シャモア
(Chamois)[ヘ語,ゼメル]
やぎに似た小型のレイヨウで,先端が鉤型になった角を特徴とし,目のくらむような高所でも敏しょうに動き回り,足元の確かさで知られています。雄の成獣は肩の高さが80㌢に達し,体重が30㌔を超えることもあります。シャモアの体皮は夏は黄褐色ですが,冬の季節が来るとその色は深みを帯びます。律法の要求下で,シャモアは食物に適した動物の中に挙げられています。―申 14:5。
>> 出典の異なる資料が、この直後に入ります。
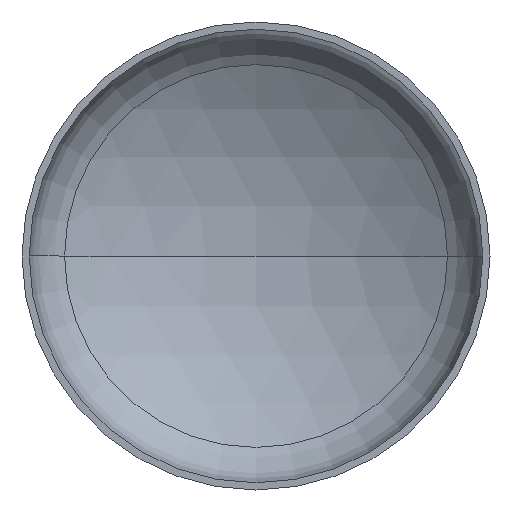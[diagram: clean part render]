
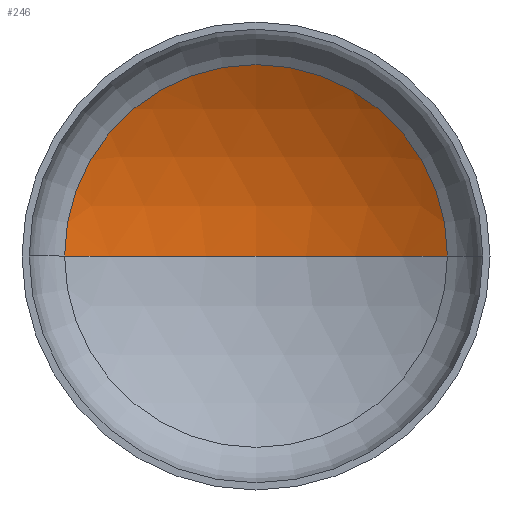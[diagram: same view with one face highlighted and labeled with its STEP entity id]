
A CAD part, front view. The second image highlights one B-rep face of the part: STEP entity #246.
In plain terms, the highlighted spherical face has radius 880 mm.
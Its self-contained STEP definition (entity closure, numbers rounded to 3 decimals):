
#17 = AXIS2_PLACEMENT_3D ( 'NONE', #237, #337, #83 ) ;
#34 = AXIS2_PLACEMENT_3D ( 'NONE', #238, #401, #404 ) ;
#37 = AXIS2_PLACEMENT_3D ( 'NONE', #138, #139, #268 ) ;
#46 = EDGE_LOOP ( 'NONE', ( #241, #141, #129 ) ) ;
#54 = AXIS2_PLACEMENT_3D ( 'NONE', #201, #360, #207 ) ;
#59 = VERTEX_POINT ( 'NONE', #349 ) ;
#62 = VERTEX_POINT ( 'NONE', #261 ) ;
#83 = DIRECTION ( 'NONE',  ( 1., 0., 0. ) ) ;
#85 = CIRCLE ( 'NONE', #37, 880. ) ;
#129 = ORIENTED_EDGE ( 'NONE', *, *, #357, .T. ) ;
#130 = VERTEX_POINT ( 'NONE', #194 ) ;
#138 = CARTESIAN_POINT ( 'NONE',  ( 0., -555.189, 0. ) ) ;
#139 = DIRECTION ( 'NONE',  ( 0., 0., -1. ) ) ;
#141 = ORIENTED_EDGE ( 'NONE', *, *, #347, .T. ) ;
#190 = CIRCLE ( 'NONE', #17, 449.915 ) ;
#194 = CARTESIAN_POINT ( 'NONE',  ( 449.915, 201.102, 0. ) ) ;
#201 = CARTESIAN_POINT ( 'NONE',  ( 0., -555.189, 0. ) ) ;
#207 = DIRECTION ( 'NONE',  ( -1., 0., 0. ) ) ;
#237 = CARTESIAN_POINT ( 'NONE',  ( 0., 201.102, 0. ) ) ;
#238 = CARTESIAN_POINT ( 'NONE',  ( 0., -555.189, 0. ) ) ;
#241 = ORIENTED_EDGE ( 'NONE', *, *, #348, .F. ) ;
#246 = ADVANCED_FACE ( 'NONE', ( #346 ), #289, .F. ) ;
#261 = CARTESIAN_POINT ( 'NONE',  ( -449.915, 201.102, 0. ) ) ;
#268 = DIRECTION ( 'NONE',  ( -1., 0., 0. ) ) ;
#289 = SPHERICAL_SURFACE ( 'NONE', #54, 880. ) ;
#325 = CIRCLE ( 'NONE', #34, 880. ) ;
#337 = DIRECTION ( 'NONE',  ( 0., -1., 0. ) ) ;
#346 = FACE_OUTER_BOUND ( 'NONE', #46, .T. ) ;
#347 = EDGE_CURVE ( 'NONE', #59, #130, #85, .T. ) ;
#348 = EDGE_CURVE ( 'NONE', #59, #62, #325, .T. ) ;
#349 = CARTESIAN_POINT ( 'NONE',  ( 0., 324.811, 0. ) ) ;
#357 = EDGE_CURVE ( 'NONE', #130, #62, #190, .T. ) ;
#360 = DIRECTION ( 'NONE',  ( 0., 0., -1. ) ) ;
#401 = DIRECTION ( 'NONE',  ( 0., 0., 1. ) ) ;
#404 = DIRECTION ( 'NONE',  ( 1., 0., 0. ) ) ;
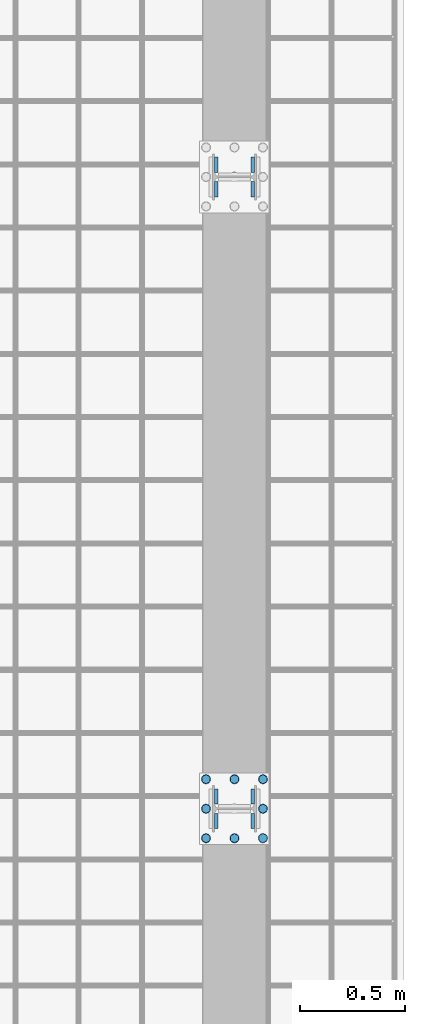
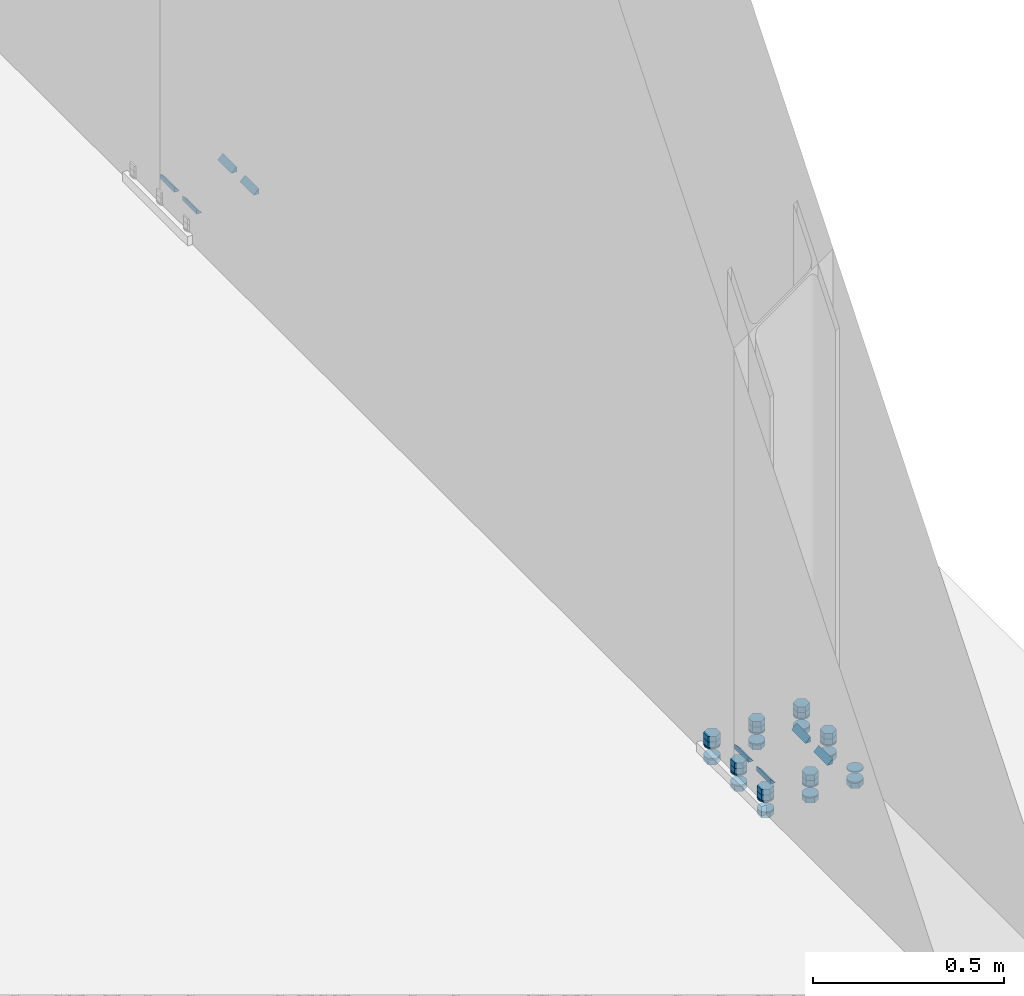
# One storey, part 17 of 29: 38 mechanical fasteners, 12 fasteners.
"""IFC4 building model written with IfcOpenShell, lengths in metres."""

import ifcopenshell
import ifcopenshell.guid

model = None  # the IFC model being written
_history = None  # IfcOwnerHistory: only IFC2X3 demands one
_inside = {}  # id of a spatial element -> (the spatial element, [elements in it])
_under = {}  # id of a project, library or spatial element -> (it, [spatial elements below it])
_declared = {}  # id of a project -> (the project, [libraries it declares])
_typed = {}  # id of a type object -> (the type object, [elements of that type])
_made_of = {}  # id of a material, layer set ... -> (it, [elements and type objects made of it])


def new_model(schema):
    """Start an empty IFC model of exactly this schema.

    Asked for "IFC4X3", IfcOpenShell would pick the latest addendum, in which some entities
    have other attributes; the version numbers below select the first issue.
    IFC2X3 requires an IfcOwnerHistory on every rooted entity: one is made here for all.
    """
    global model, _history
    if schema == "IFC4X3":
        model = ifcopenshell.file(schema_version=(4, 3, 0, 0))
    else:
        model = ifcopenshell.file(schema=schema)
    _inside.clear()
    _under.clear()
    _declared.clear()
    _typed.clear()
    _made_of.clear()
    _history = None
    if model.schema == "IFC2X3":
        org = make("IfcOrganization", Name="unknown")
        user = make(
            "IfcPersonAndOrganization",
            ThePerson=make("IfcPerson", FamilyName="unknown"),
            TheOrganization=org,
        )
        app = make(
            "IfcApplication",
            ApplicationDeveloper=org,
            Version="unknown",
            ApplicationFullName="unknown",
            ApplicationIdentifier="unknown",
        )
        _history = make(
            "IfcOwnerHistory",
            OwningUser=user,
            OwningApplication=app,
            ChangeAction="ADDED",
            CreationDate=0,
        )
    return model


def make(cls, **values):
    """One entity of the class cls with the attributes given. An attribute that is None is left unset."""
    return model.create_entity(
        cls, **{name: value for name, value in values.items() if value is not None}
    )


def rooted(cls, **values):
    """An entity with a GlobalId (a new one), such as an element, a storey or a relation."""
    return make(cls, GlobalId=ifcopenshell.guid.new(), OwnerHistory=_history, **values)


def si_unit(unit_type, name, prefix=None):
    """IfcSIUnit, for example si_unit("LENGTHUNIT", "METRE", prefix="MILLI")."""
    return make("IfcSIUnit", UnitType=unit_type, Prefix=prefix, Name=name)


def assignment(units):
    """IfcUnitAssignment: the units of a project."""
    return None if units is None else make("IfcUnitAssignment", Units=units)


def point(xyz):
    """IfcCartesianPoint."""
    return None if xyz is None else make("IfcCartesianPoint", Coordinates=xyz)


def direction(xyz):
    """IfcDirection."""
    return None if xyz is None else make("IfcDirection", DirectionRatios=xyz)


def frame(location, z_axis=None, x_axis=None):
    """IfcAxis2Placement3D, a coordinate frame: its origin and axes. An axis left out is left unset."""
    return make(
        "IfcAxis2Placement3D",
        Location=point(location),
        Axis=direction(z_axis),
        RefDirection=direction(x_axis),
    )


def origin_with_axes():
    """The frame at (0, 0, 0) with the z axis (0, 0, 1) and the x axis (1, 0, 0) written out."""
    return frame((0.0, 0.0, 0.0), z_axis=(0.0, 0.0, 1.0), x_axis=(1.0, 0.0, 0.0))


def place(relative_to, where):
    """IfcLocalPlacement: puts the frame where relative to a parent placement (None: the world)."""
    return make(
        "IfcLocalPlacement", PlacementRelTo=relative_to, RelativePlacement=where
    )


def context(
    kind, dimensions, precision=None, world=None, true_north=None, identifier=None
):
    """IfcGeometricRepresentationContext, for example the 3D "Model" context."""
    return make(
        "IfcGeometricRepresentationContext",
        ContextIdentifier=identifier,
        ContextType=kind,
        CoordinateSpaceDimension=dimensions,
        Precision=precision,
        WorldCoordinateSystem=world,
        TrueNorth=true_north,
    )


def project(units=None, contexts=None):
    """IfcProject with its units and contexts."""
    return rooted(
        "IfcProject",
        Name="project",
        RepresentationContexts=contexts,
        UnitsInContext=assignment(units),
    )


def spatial(cls, under=None, at=None, **own):
    """A site, building, storey or space (cls), placed at a placement, below another one or the project."""
    s = rooted(cls, ObjectPlacement=at, **own)
    if under is not None:
        _under.setdefault(under.id(), (under, []))[1].append(s)
    return s


def polyline(points):
    """IfcPolyline through the points."""
    return make("IfcPolyline", Points=[point(p) for p in points])


def outline(outer, holes=None, kind="AREA"):
    """IfcArbitraryClosedProfileDef: a profile drawn as a closed curve; with holes, ...WithVoids."""
    if holes is None:
        return make("IfcArbitraryClosedProfileDef", ProfileType=kind, OuterCurve=outer)
    return make(
        "IfcArbitraryProfileDefWithVoids",
        ProfileType=kind,
        OuterCurve=outer,
        InnerCurves=holes,
    )


def extrude(swept, where, along, depth):
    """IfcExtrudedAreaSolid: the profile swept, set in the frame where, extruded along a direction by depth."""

ヘブライ語のゼメルが意味する動物に関しては不確かな面もあるため,この語は「シャモア」(欽定,ア標,英改,新世,ヤング),「山やぎ」(mountain goat,ラムサ),「オオツノヒツジ」(mountain sheep,聖ア,エルサレム,モファット,ロザハム),「れいよう」(antelope,リーサー)と訳され,単に「ゼメル」(zemer,ノックス)と翻字している例もあります。ゼメルという語が由来したヘブライ語の語根は,アラビア語のザマラ(跳ねる; 逃げる)に関係があると考えられ,跳ねたり飛び上がったりする動物を連想させるので,ガゼルに似た動物ではないかと考えられています。シャモア(Rupicapra rupicapra)はパレスチナには全く生息しなかったとする動物学者もいます。しかし,注目できる点として,カルパティア山脈やコーカサス山脈にはこの動物の地方種が見られるので,レバノン山脈にかつてシャモアの変種の一つが生息した可能性も考えられます。